Source material Block Start
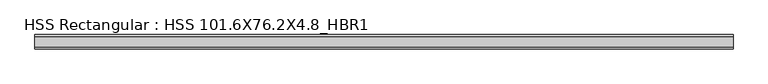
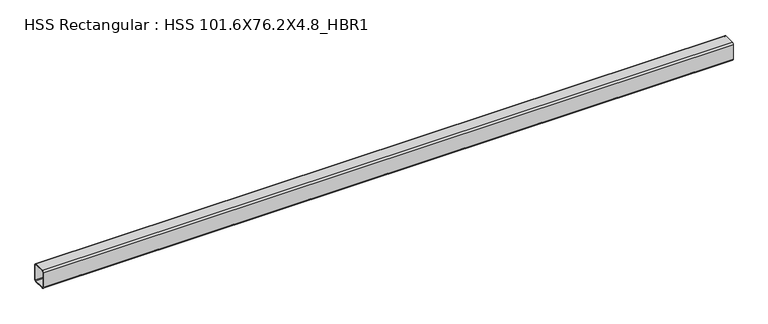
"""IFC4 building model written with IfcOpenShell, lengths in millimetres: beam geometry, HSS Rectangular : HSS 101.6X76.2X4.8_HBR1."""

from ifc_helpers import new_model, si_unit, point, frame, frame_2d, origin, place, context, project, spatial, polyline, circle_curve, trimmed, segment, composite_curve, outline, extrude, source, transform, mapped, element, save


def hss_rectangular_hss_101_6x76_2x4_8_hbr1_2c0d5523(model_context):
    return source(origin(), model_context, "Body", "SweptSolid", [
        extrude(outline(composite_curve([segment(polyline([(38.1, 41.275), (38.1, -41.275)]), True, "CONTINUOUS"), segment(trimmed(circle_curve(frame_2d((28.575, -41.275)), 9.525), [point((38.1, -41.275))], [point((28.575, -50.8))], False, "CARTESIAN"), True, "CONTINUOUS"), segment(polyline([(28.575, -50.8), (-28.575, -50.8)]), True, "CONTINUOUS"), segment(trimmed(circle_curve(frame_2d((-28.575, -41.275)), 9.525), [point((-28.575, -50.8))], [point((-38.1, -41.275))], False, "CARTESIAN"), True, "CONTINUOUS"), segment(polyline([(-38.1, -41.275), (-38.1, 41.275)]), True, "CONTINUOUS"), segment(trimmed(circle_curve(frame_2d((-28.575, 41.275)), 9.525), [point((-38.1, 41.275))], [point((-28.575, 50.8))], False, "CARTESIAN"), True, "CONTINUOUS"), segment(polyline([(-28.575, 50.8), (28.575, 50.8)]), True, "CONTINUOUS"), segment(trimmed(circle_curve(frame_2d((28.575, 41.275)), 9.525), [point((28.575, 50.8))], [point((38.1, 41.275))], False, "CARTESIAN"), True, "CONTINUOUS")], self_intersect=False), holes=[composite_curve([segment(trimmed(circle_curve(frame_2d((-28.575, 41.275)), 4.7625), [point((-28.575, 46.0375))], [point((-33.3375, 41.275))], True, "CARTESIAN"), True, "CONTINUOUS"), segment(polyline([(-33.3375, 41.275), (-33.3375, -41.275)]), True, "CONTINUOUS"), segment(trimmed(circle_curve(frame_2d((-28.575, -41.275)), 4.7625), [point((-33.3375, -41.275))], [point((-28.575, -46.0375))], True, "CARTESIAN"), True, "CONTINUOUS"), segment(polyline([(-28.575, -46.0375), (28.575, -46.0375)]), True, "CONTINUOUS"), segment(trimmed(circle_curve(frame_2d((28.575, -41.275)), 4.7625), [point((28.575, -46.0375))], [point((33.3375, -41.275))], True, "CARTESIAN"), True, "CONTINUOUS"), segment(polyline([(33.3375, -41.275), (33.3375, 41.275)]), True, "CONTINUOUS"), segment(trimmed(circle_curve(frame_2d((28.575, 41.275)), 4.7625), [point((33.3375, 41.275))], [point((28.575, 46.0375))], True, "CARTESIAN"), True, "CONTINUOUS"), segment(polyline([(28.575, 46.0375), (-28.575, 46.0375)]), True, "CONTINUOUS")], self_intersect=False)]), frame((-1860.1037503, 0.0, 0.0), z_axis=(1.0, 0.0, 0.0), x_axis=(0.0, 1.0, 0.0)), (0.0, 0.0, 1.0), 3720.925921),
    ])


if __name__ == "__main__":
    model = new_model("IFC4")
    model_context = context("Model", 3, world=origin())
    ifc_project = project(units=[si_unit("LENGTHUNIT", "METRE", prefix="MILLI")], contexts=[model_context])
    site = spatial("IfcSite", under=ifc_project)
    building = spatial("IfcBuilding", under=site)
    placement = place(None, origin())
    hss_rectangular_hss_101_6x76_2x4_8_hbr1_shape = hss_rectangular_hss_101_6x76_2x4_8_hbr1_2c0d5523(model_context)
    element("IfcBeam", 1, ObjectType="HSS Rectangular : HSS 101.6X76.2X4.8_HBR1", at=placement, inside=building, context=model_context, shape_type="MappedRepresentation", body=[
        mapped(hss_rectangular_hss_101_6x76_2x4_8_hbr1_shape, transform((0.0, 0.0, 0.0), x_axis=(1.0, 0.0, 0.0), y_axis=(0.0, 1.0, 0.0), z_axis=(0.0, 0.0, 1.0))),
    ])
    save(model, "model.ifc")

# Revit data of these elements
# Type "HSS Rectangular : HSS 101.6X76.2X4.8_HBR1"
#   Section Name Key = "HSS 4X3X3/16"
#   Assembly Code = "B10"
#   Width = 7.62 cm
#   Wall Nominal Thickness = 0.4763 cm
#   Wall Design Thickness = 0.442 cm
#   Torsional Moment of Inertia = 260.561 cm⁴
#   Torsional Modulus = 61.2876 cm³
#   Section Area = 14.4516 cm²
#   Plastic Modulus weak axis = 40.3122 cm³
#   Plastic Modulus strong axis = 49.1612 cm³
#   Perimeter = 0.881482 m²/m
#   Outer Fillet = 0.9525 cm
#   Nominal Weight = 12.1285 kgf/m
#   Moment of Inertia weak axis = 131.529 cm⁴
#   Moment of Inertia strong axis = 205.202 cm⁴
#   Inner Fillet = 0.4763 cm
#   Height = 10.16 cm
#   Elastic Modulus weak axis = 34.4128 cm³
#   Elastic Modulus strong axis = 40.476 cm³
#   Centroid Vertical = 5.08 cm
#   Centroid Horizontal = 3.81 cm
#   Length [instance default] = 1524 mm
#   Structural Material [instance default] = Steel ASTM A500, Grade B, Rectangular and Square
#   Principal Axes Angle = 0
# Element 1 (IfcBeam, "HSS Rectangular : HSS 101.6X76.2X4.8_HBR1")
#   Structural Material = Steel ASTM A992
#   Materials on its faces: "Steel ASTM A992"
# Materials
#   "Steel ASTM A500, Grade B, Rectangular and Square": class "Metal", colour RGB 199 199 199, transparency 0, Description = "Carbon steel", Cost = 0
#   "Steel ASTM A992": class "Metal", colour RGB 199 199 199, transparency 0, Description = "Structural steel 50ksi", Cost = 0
Source material Block End
Task description :: Beginning at the line with "axis = 40.3122 cm³" and stopping after the line with "Materials on its", please write out every line of the data above exactly and nothing else.

Result of this task ::
#   Plastic Modulus weak axis = 40.3122 cm³
#   Plastic Modulus strong axis = 49.1612 cm³
#   Perimeter = 0.881482 m²/m
#   Outer Fillet = 0.9525 cm
#   Nominal Weight = 12.1285 kgf/m
#   Moment of Inertia weak axis = 131.529 cm⁴
#   Moment of Inertia strong axis = 205.202 cm⁴
#   Inner Fillet = 0.4763 cm
#   Height = 10.16 cm
#   Elastic Modulus weak axis = 34.4128 cm³
#   Elastic Modulus strong axis = 40.476 cm³
#   Centroid Vertical = 5.08 cm
#   Centroid Horizontal = 3.81 cm
#   Length [instance default] = 1524 mm
#   Structural Material [instance default] = Steel ASTM A500, Grade B, Rectangular and Square
#   Principal Axes Angle = 0
# Element 1 (IfcBeam, "HSS Rectangular : HSS 101.6X76.2X4.8_HBR1")
#   Structural Material = Steel ASTM A992
#   Materials on its faces: "Steel ASTM A992"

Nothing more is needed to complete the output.